(WSJ) Until a few months ago, Zhou Yan, a 30-year-old rapper, performed at local bars in Chongqing city for about $75 a night. Now he is one of China’s biggest hip-hop stars and makes enough money that he says his parents don’t need to work any longer.
Mr. Zhou, who goes by the stage name GAI, is a phenom from China’s most popular entertainment program in 2017: “The Rap of China,” a 12-episode hip-hop reality series that shows the power of online entertainment and its younger audience.
The show, created and shown by online video site iQiyi, attracted 2.7 billion views during its run from late June to early September. Short videos pulled from the content were watched eight billion times on social-media platform Weibo, according to iQiyi. Mr. Zhou and a clutch of other audience favorites now rap in advertisements for big brands that include McDonald’s , e-commerce giant JD.com and mobile-payment app Alipay.
“The Rap of China”’s breakout success demonstrates how internet companies are starting to dictate entertainment and pop-culture trends once defined by television. In doing so, the online upstarts are learning to thread the needle between an authoritarian government that wants to control what its people read, watch and think, and a huge young online population eager to express their identity, often through consumerism.
Traditional TV still dominates in China. But as in the U.S., that is changing. The number of registered cable TV users fell by 2.5 million in the first half of 2017 to 250 million, the first drop in decades, according to the broadcasting regulator. Meanwhile, the internet regulator says, online video services added 20 million users for a total of 565 million.
Those who stopped paying for TV services and watch online instead tend to be younger, making them a natural target for consumer brands. Annual ad spending on TV is projected to remain flat at about $17 billion between 2016 and 2021, while spending on online video is forecast to triple to catch up and eventually surpass TV, according to research firm eMarketer.
Internet research firm iResearch calls this huge young group that grew up with the internet and more means than their parents the “nouveau middle class.” “This is a group full of desires and hormones,” an iResearch report says. “They’ve got only one goal: live a better, higher-quality life.”
It is that demographic that “The Rap of China”—and its sponsors—are after.
The show centered on rap contests and to viewers appeared more authentic than many of the TV talent shows of recent years. Mr. Zhou, for example, rapped in the local Chongqing dialect, instead of the standard Mandarin used by government diktat on TV.
The show allowed the rappers “to be themselves, be real, be straightforward with each other and with the judges, and that resonates with the young generation,” says Shen Lihui, general manager of music label Modernsky . “They’re also consumeristic and apolitical, which is typical of this era.”

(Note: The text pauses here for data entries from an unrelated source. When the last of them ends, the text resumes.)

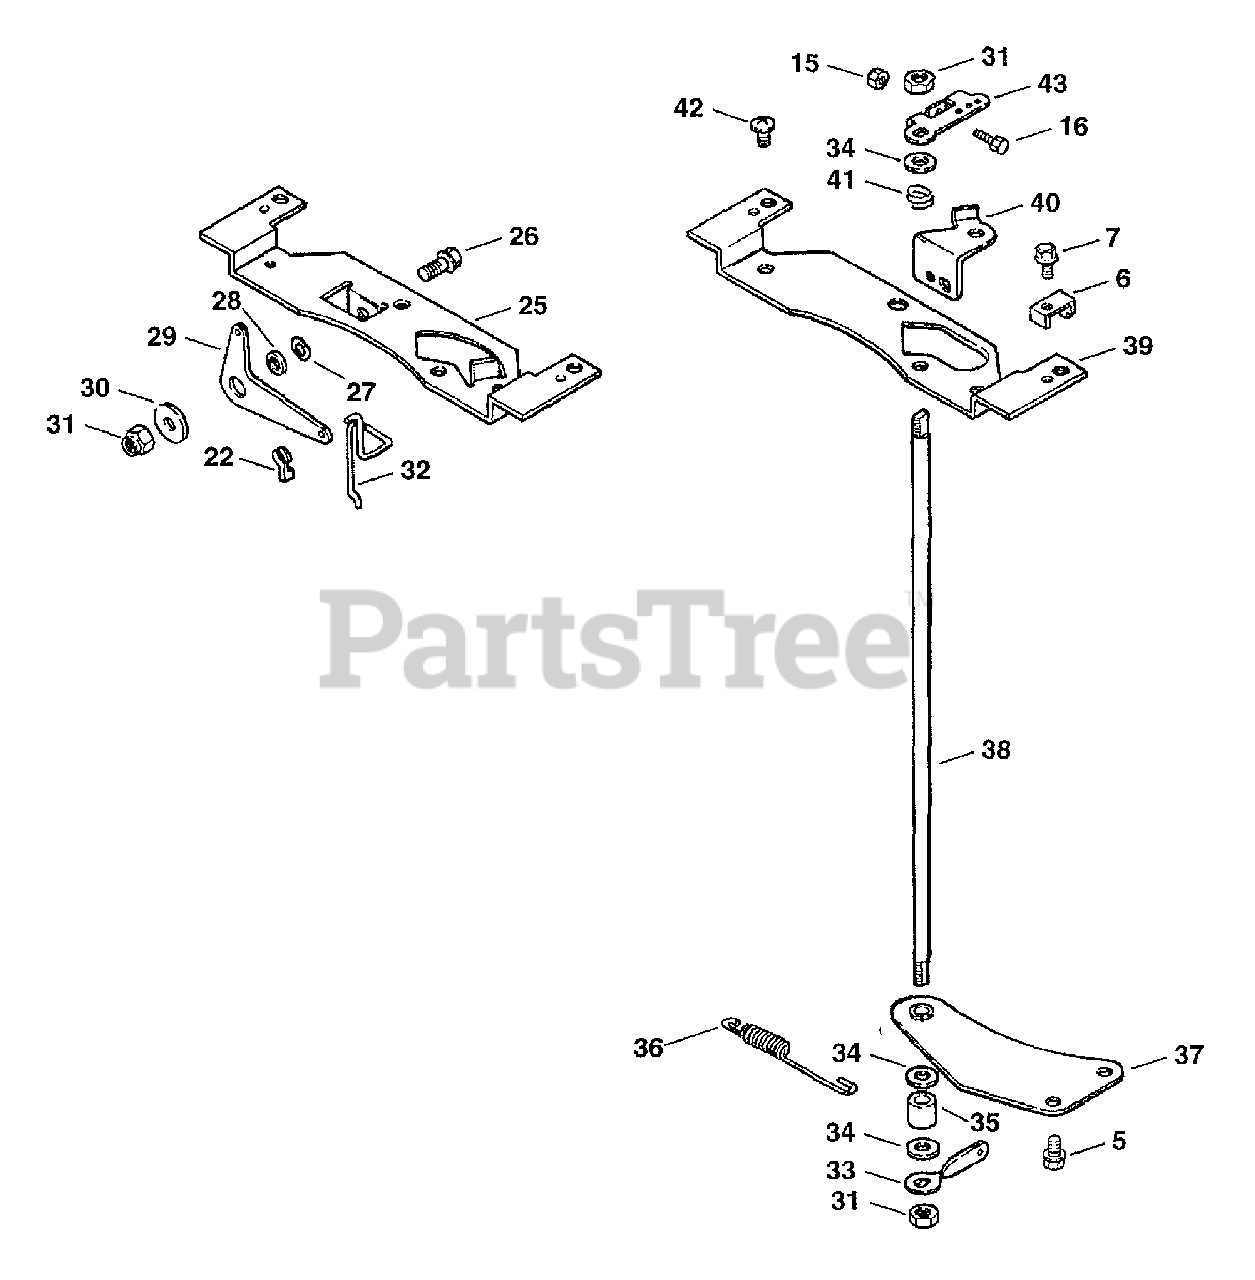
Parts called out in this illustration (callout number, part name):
5	SCREW - USE M-645016
6	CLAMP, CABLE
15	Nut, hex. flange M4x0.7
16	Screw, hex. cap M4x0.7x30
22	BUSHING, THROTTLE LINKAGE
25	BRACKET - USE 24 126 59
26	SCREW - USE M-639016
27	WASHER, SPRING 3/8"
28	SPACER
29	LEVER, CHOKE
30	WASHER, FLAT 1/4"
31	Nut, hex. M6x1.0
32	LINKAGE, CHOKE
33	LEVER, THROTTLE CONTROL
34	WASHER, FLAT 1/4"
36	SPRING, GOVERNOR (CLEAR)
37	BRACKET, THROTTLE SHAFT-USE 24 126 162-S
38	SHAFT, THROTTLE
39	BRACKET - USE 24 126 58
40	BRACKET, CABLE SUPPORT
41	SPRING, THROTTLE SHAFT
42	SCREW, PHL HD 11-16X3/4"
43	LEVER, THROTTLE CONTROL

Five of Modernsky’s hip-hop singers participated in the show, including Wang Hao, known as PG One, who shared the champion title with Mr. Zhou at the end of the season.
“The Rap of China”’s success is all the more unusual because hip-hop remained largely outside the mainstream in China. Known for its social activism, political awareness and explicit lyrics in many other societies, hip-hop is hardly an ideal pop phenomenon in China in 2017, a politically tense year as the Communist Party prepares to announce a new leadership in October.

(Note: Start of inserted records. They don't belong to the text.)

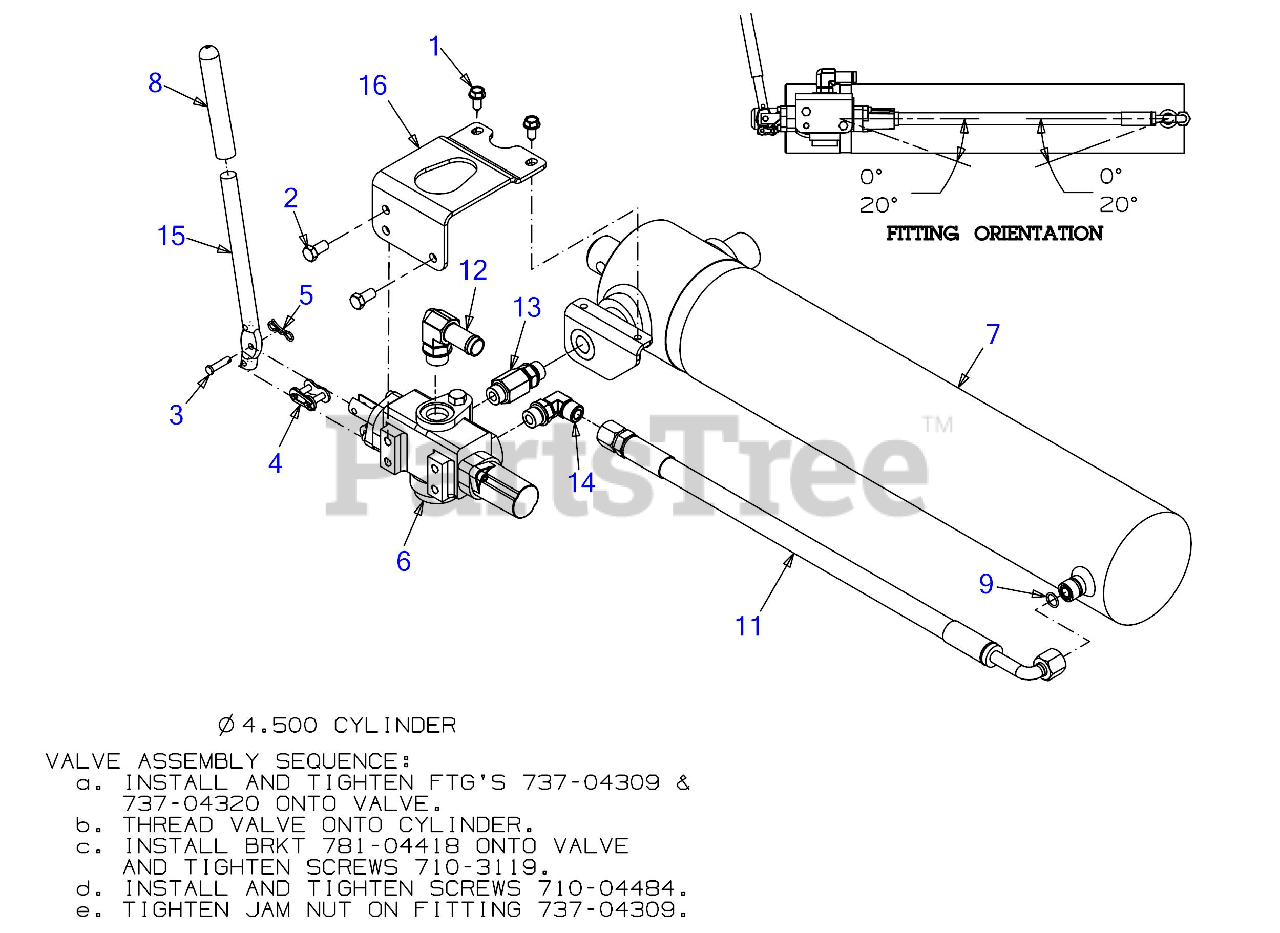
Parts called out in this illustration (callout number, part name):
1	SCREW 5/16-18 x .750
2	SCREW 3/8-16 x .75 GR 5
3	CLEVIS PIN .25 x 1.00
4	VALVE HANDLE LINK
5	BOW TIE COTTER PIN 1/4-5/16
6	LOGSPLITTER VALVE
7	HYDRAULIC CYLINDER
11	HYDRAULIC HOSE
12	HYDRAULIC FITTING
13	HYDRAULIC FITTING
14	HYDRAULIC FITTING
15	CONTROL VALVE HANDLE
16	VALVE BRACKET

Authorities have upped already high censorship, policing all media for signs of dissent and purging prime time of entertainment and talk shows. In recent weeks, a long-running talk show on Phoenix TV, a celebrity letter-reading TV show and sci-fi-themed online talk show got the ax.
IQiyi—which is owned by China’s dominant search engine, Baidu Inc. —and competitors Tencent Holdings Ltd.’s Tencent Video and Alibaba Group Holding Ltd.’s Youku Tudou are learning to navigate those risks.
“The Rap of China”’s creator, Chen Wei, spent 15 years at state-owned provincial broadcaster Zhejiang Television, where he produced top singing competitions such as “The Voice of China.” He joined iQiyi two years ago and says he wanted to produce a show for iQiyi’s young user base. About 83% of iQiyi’s mobile users in August were younger than 35, according to iResearch. Fox’s hip-hop musical drama TV series, “Empire,” was an inspiration, Mr. Chen says.
Advertisers were initially skeptical, but, as the show gained traction, McDonald’s, smartphone maker Xiaomi Corp. and others joined as sponsors. The first season broke even, bringing in about 250 million yuan ($38 million), a person familiar with the situation says. Mr. Chen expects the second season to be highly profitable.
Besides sponsorship, the show also makes money from iQiyi membership subscriptions, e-commerce, games, and licensed products of clothing and accessories that rappers wear on the show. One of those is a gold chain with a big “R!CH” sign.
“Hip-hop has huge commercial potential,” Mr. Chen says. “Music is just an excuse.”